Remembering Soul

One of the pieces we will do in TOKYO FLOWER CHILDREN at Tokyo’s Pink Cow Sunday, June 8, is “Jounetsu wo Torimodosou.”
Teruyuki Kawabata, leader of Tokyo indies band CigaretteSheWas, wrote the lyrics and music for the tune, which is on the soundtrack for a just released movie “Chiisana Koi no Monogatari (A Little Love Story),” from Kurosawa Studios.
I translated the lyrics.
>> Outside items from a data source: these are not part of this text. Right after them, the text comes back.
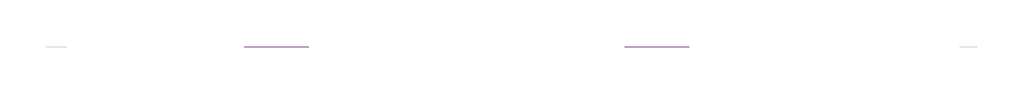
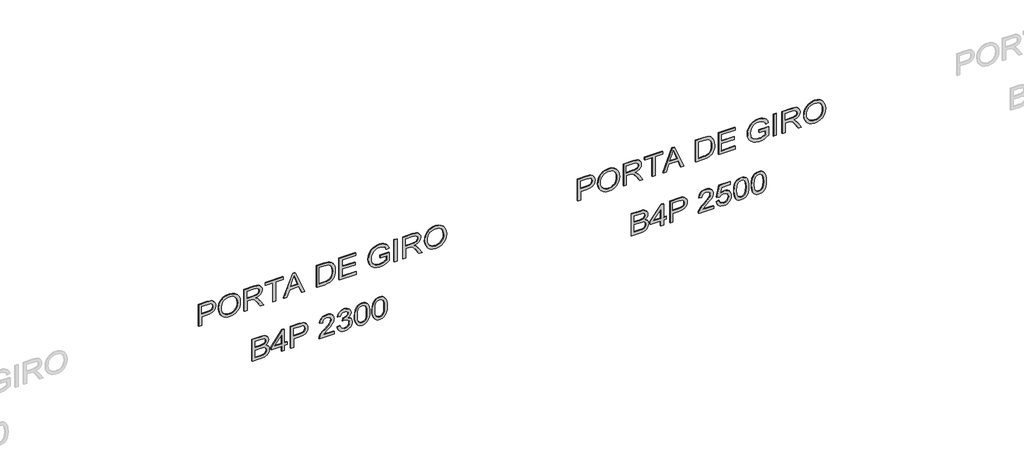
# One storey, part 6 of 13: 2 proxies.
"""IFC4 building model written with IfcOpenShell, lengths in millimetres."""

from ifc_helpers import new_model, si_unit, frame, origin, place, context, project, spatial, polyline, outline, extrude, element, save

model = new_model("IFC4")

# Units and contexts
model_context = context("Model", 3, world=origin())
ifc_project = project(units=[si_unit("LENGTHUNIT", "METRE", prefix="MILLI")], contexts=[model_context])

# Site, building, storey
site = spatial("IfcSite", under=ifc_project)
building = spatial("IfcBuilding", under=site)
storey = spatial("IfcBuildingStorey", under=building, Name="02 - Marelli - Planta Baixa - Portas", Elevation=-12000.0)

# Proxies
placement = place(None, origin())
element("IfcBuildingElementProxy", 1, Name="300mm Arial", ObjectType="300mm Arial", at=placement, inside=storey, context=model_context, shape_type="SweptSolid", body=[
    extrude(outline(polyline([(-6049.0625952, 27248.0968395), (-6049.0625952, 27285.7679558), (-5926.6314672, 27285.7679558), (-5926.6314672, 27362.3609872), (-5924.9668012, 27391.5593213), (-5919.9728031, 27415.8786204), (-5911.6494729, 27435.3188846), (-5899.9968107, 27449.8801138), (-5885.93912, 27460.4866116), (-5870.4007042, 27468.0626814), (-5853.3815634, 27472.6083233), (-5834.8816976, 27474.1235373), (-5813.4249802, 27471.8794571), (-5793.7892787, 27465.1472166), (-5777.1426184, 27454.7269591), (-5764.6530247, 27441.4188279), (-5755.9250244, 27424.8917293), (-5750.5631443, 27404.8145694), (-5747.6936647, 27359.7858132), (-5747.6936647, 27248.0968395), (-6049.0625952, 27248.0968395)]), holes=[polyline([(-5888.9603509, 27285.7679558), (-5785.364781, 27285.7679558), (-5785.364781, 27363.6853623), (-5787.939955, 27401.3564786), (-5794.2675253, 27415.5843148), (-5805.0096796, 27426.7771245), (-5819.283501, 27434.0335969), (-5836.2060728, 27436.452421), (-5858.4813276, 27432.3505367), (-5875.1279879, 27420.044884), (-5885.5022601, 27397.9719643), (-5888.9603509, 27364.5682791), (-5888.9603509, 27285.7679558)])]), frame((0.0, 8778.3159498, 0.0), z_axis=(0.0, 1.0, 0.0), x_axis=(0.0, 0.0, 1.0)), (0.0, 0.0, 1.0), 10.0),
    extrude(outline(polyline([(-5902.3512555, 27511.7946536), (-5940.8960916, 27516.0988729), (-5977.3623943, 27529.011531), (-6009.0554282, 27550.2751103), (-6033.2804576, 27579.6320935), (-6048.6487279, 27615.2798588), (-6053.7714847, 27655.4157845), (-6049.1361716, 27693.2248566), (-6035.2302322, 27728.3667842), (-6012.3111839, 27758.3307727), (-5980.6365441, 27780.6060275), (-5942.1744815, 27794.4291934), (-5898.8931648, 27799.0369154), (-5856.1820651, 27794.6591197), (-5818.2534314, 27781.5257325), (-5786.6339739, 27760.0414239), (-5762.8504029, 27730.6108643), (-5747.9511821, 27695.1654341), (-5742.9847752, 27655.6365137), (-5745.628927, 27625.3460299), (-5753.5613826, 27597.971011), (-5766.7821418, 27573.5114568), (-5785.2912046, 27551.9673675), (-5808.4723689, 27534.3918051), (-5835.7094321, 27521.8378321), (-5867.0023943, 27514.3054482), (-5902.3512555, 27511.7946536)]), holes=[polyline([(-5902.7191375, 27549.4657699), (-5872.1826326, 27551.4293401), (-5846.3504188, 27557.3200505), (-5825.222496, 27567.1379012), (-5808.7988641, 27580.8828923), (-5796.4863136, 27597.3502101), (-5787.6916347, 27615.3350411), (-5782.4148273, 27634.8373854), (-5780.6558915, 27655.8572429), (-5784.3071203, 27685.0210881), (-5795.2608067, 27711.1499068), (-5812.8547631, 27732.8089592), (-5836.426802, 27748.5635057), (-5865.2503563, 27758.1652258), (-5898.5988592, 27761.3657991), (-5925.1369466, 27759.4964987), (-5948.4652636, 27753.8885976), (-5968.5838102, 27744.5420956), (-5985.4925864, 27731.4569929), (-5998.883491, 27715.4748195), (-6008.4484229, 27697.4371054), (-6014.187382, 27677.3438507), (-6016.1003684, 27655.1950553), (-6014.2057761, 27633.4187405), (-6008.5219993, 27613.5600105), (-5999.0490379, 27595.6188655), (-5985.786892, 27579.5953053), (-5969.2276037, 27566.4136336), (-5949.8632152, 27556.9981538), (-5927.6937264, 27551.3488659), (-5902.7191375, 27549.4657699)])]), frame((0.0, 8778.3159498, 0.0), z_axis=(0.0, 1.0, 0.0), x_axis=(0.0, 0.0, 1.0)), (0.0, 0.0, 1.0), 10.0),
    extrude(outline(polyline([(-6049.0625952, 27850.8347003), (-6049.0625952, 27888.5058167), (-5917.2136881, 27888.5058167), (-5917.2136881, 27933.9760313), (-5918.5380633, 27955.8282218), (-5925.7117622, 27973.7440749), (-5945.2462961, 27993.6464909), (-5986.5962324, 28021.9734045), (-6049.0625952, 28061.1896252), (-6049.0625952, 28104.9675826), (-5967.3927923, 28054.7149021), (-5928.61803, 28024.1806965), (-5912.5047986, 28002.7699644), (-5902.5168024, 28039.8800606), (-5894.5015734, 28054.2619474), (-5884.4721905, 28065.8617265), (-5859.8608851, 28081.1748146), (-5830.1728081, 28086.2791773), (-5806.3064636, 28083.1981656), (-5784.5922289, 28073.9551304), (-5767.0810459, 28059.5525503), (-5755.8238568, 28040.9929037), (-5749.7262128, 28015.5998489), (-5747.6936647, 27980.6970446), (-5747.6936647, 27850.8347003), (-6049.0625952, 27850.8347003)]), holes=[polyline([(-5879.5425718, 27888.5058167), (-5785.364781, 27888.5058167), (-5785.364781, 27982.3157254), (-5788.6205367, 28012.1233641), (-5798.3878037, 28032.6787706), (-5813.195054, 28044.6257384), (-5831.5707596, 28048.608061), (-5844.8788908, 28046.5203306), (-5857.1385583, 28040.2571397), (-5867.2737073, 28029.9748379), (-5874.2082829, 28015.8297752), (-5878.2089996, 27997.0402023), (-5879.5425718, 27972.82437), (-5879.5425718, 27888.5058167)])]), frame((0.0, 8778.3159498, 0.0), z_axis=(0.0, 1.0, 0.0), x_axis=(0.0, 0.0, 1.0)), (0.0, 0.0, 1.0), 10.0),
    extrude(outline(polyline([(-6049.0625952, 28227.5458634), (-6049.0625952, 28265.2169797), (-5785.364781, 28265.2169797), (-5785.364781, 28364.10366), (-5747.6936647, 28364.10366), (-5747.6936647, 28128.6591831), (-5785.364781, 28128.6591831), (-5785.364781, 28227.5458634), (-6049.0625952, 28227.5458634)])), frame((0.0, 8778.3159498, 0.0), z_axis=(0.0, 1.0, 0.0), x_axis=(0.0, 0.0, 1.0)), (0.0, 0.0, 1.0), 10.0),
    extrude(outline(polyline([(-6049.0625952, 28371.3877235), (-6049.0625952, 28411.1925554), (-5954.8848044, 28445.6263102), (-5954.8848044, 28569.7496953), (-6049.0625952, 28604.2570265), (-6049.0625952, 28644.0618583), (-5747.6936647, 28523.7644459), (-5747.6936647, 28491.6851359), (-6049.0625952, 28371.3877235)]), holes=[polyline([(-5917.2136881, 28459.4586732), (-5836.6475312, 28488.9628092), (-5785.364781, 28507.7247909), (-5843.1222543, 28528.8412175), (-5917.2136881, 28555.9909087), (-5917.2136881, 28459.4586732)])]), frame((0.0, 8778.3159498, 0.0), z_axis=(0.0, 1.0, 0.0), x_axis=(0.0, 0.0, 1.0)), (0.0, 0.0, 1.0), 10.0),
    extrude(outline(polyline([(-6049.0625952, 28802.0303871), (-6049.0625952, 28910.9970341), (-6043.9122473, 28959.4470928), (-6037.5570858, 28978.9908238), (-6028.7922972, 28995.4627401), (-6016.9740882, 29009.810138), (-6001.458665, 29022.9803134), (-5981.8045694, 29034.4214434), (-5957.570343, 29043.5817051), (-5929.1054736, 29049.5965757), (-5896.7594492, 29051.6015326), (-5858.6836627, 29048.6400825), (-5825.0960365, 29039.7557324), (-5796.5483937, 29024.9116939), (-5773.5925572, 29004.0711788), (-5760.4039877, 28983.8008809), (-5752.0346723, 28959.7781866), (-5747.6936647, 28905.9938389), (-5747.6936647, 28802.0303871), (-6049.0625952, 28802.0303871)]), holes=[polyline([(-6011.3914789, 28839.7015034), (-5785.364781, 28839.7015034), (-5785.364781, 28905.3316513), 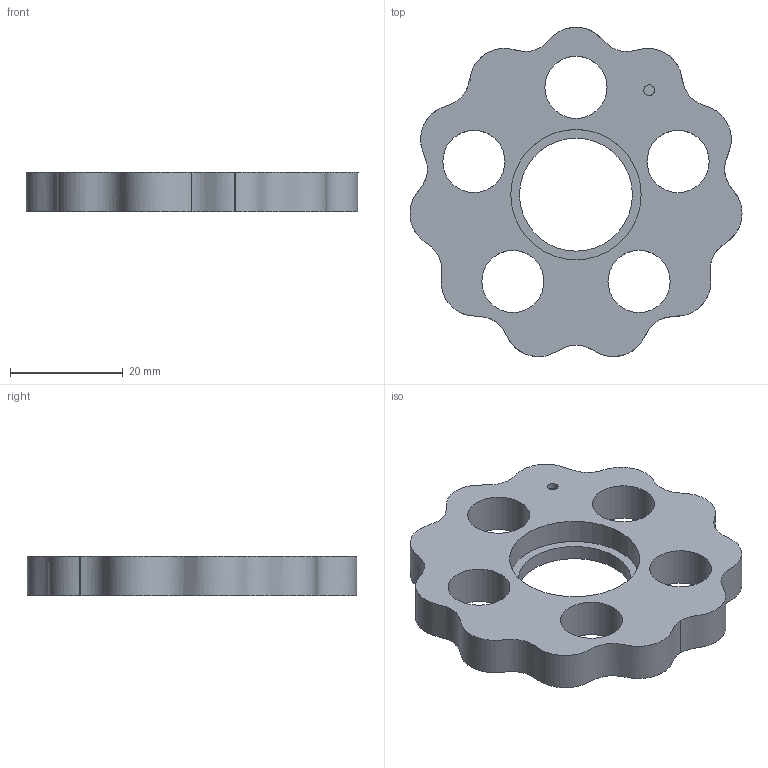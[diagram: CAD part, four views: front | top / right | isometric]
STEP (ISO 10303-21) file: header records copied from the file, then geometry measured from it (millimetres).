
FILE_DESCRIPTION (( 'STEP AP214' ), '1' );
FILE_NAME ('11_1 cyclo disc.STEP', '2020-07-10T19:50:21', ( '' ), ( '' ), 'SwSTEP 2.0', 'SolidWorks 2016', '' );
FILE_SCHEMA (( 'AUTOMOTIVE_DESIGN' ));
Length unit declared in the file: millimetre
Products named in the file (1): 11_1 cyclo disc
Bounding box: 58.77 x 58.3 x 7 mm (x, y, z)
Volume: 12018.1 mm3; surface area: 6486.7 mm2
Topology: 1 solids, 1 shells, 26 faces, 66 edges, 44 vertices
Faces by surface type: cylinder 18, plane 6, bspline 2
Entity records: 1396 total; most frequent: CARTESIAN_POINT 675, DIRECTION 148, ORIENTED_EDGE 132, EDGE_CURVE 66, AXIS2_PLACEMENT_3D 61, EDGE_LOOP 44, VERTEX_POINT 44, CIRCLE 36

It’s harder than you may think because “jounetsu” literally translates as “passion.”
This is what I ended up doing:

Remembering Soul

we leave without saying a word
people will understand

yesterday’s sunset burns in our memory
but tonight we remember soul

forever tucked in that pocket of our soul
we will forget the days of tears and fears

we asked for too much and
made those close to us sad

remember, remember,
in this pocket of our soul
we don’t need to cry

dalalalilah, dalalalilah, dalalalilah

just look at the sun and the sky
we don’t need to fit in

remember, remember
in this pocket of our soul
we don’t need to cry

we don’t need to cry
we don’t need to cry

dalalalilah, dalalalilah, dalalilah

Hiromichi Sakamoto

Hiromichi Sakamoto killed a cello today.
In a tent set up in a Tokyo park, he stuck his cello into a fire and played it as it got engulfed in flames.
He had to dodge a fiery burst that shot up from the instrument, scorching his big hair.
Sakamoto then hung the burning cello by a chain from the ceiling, letting it dangle, Jesus being crucified, gloriously dying for our sins, sending the pungent smell of charring resin and smoke into our throats.
It was both strangely comical and painfully sad to witness.
Before, throughout the two-hour performance, Sakamoto brutalized the instrument with a vehemence, scraping it, banging it, scribbling with a pencil on it.
He took a drill and graced its metal parts, sending sparks that made aerial patterns in the dark.
In defacing the instrument, we reject culture/lifestyle/instrument, as well as the basic presumption that we must follow social standards/rules/views.
Sakamoto’s performance piece, which also includes modern dance, poetry readings, singing and video, gives a startling voice to the confrontation of the previous generation by the younger generation of Japan today.
You are great, oh, Father, one singer who read and played the guitar Michiro Endo bellowed in a scratchy voice.
You built this nation, worked hard to give us a better life, built this utopia, but we now have no utopia, the song said.
In the same vein, the reading by singer/novelist Mieko Kawakami was about why you can’t pee in the bathtub.
Who are you, mother? she asked. Did you come here so you could tell us not to pee in the tub.
The disenchantment is clear with what the past has so dutifully and properly prepared for today.
Shattered is the stereotype of the lethargic, uncommitted youth of today, who just want to be “freeters.”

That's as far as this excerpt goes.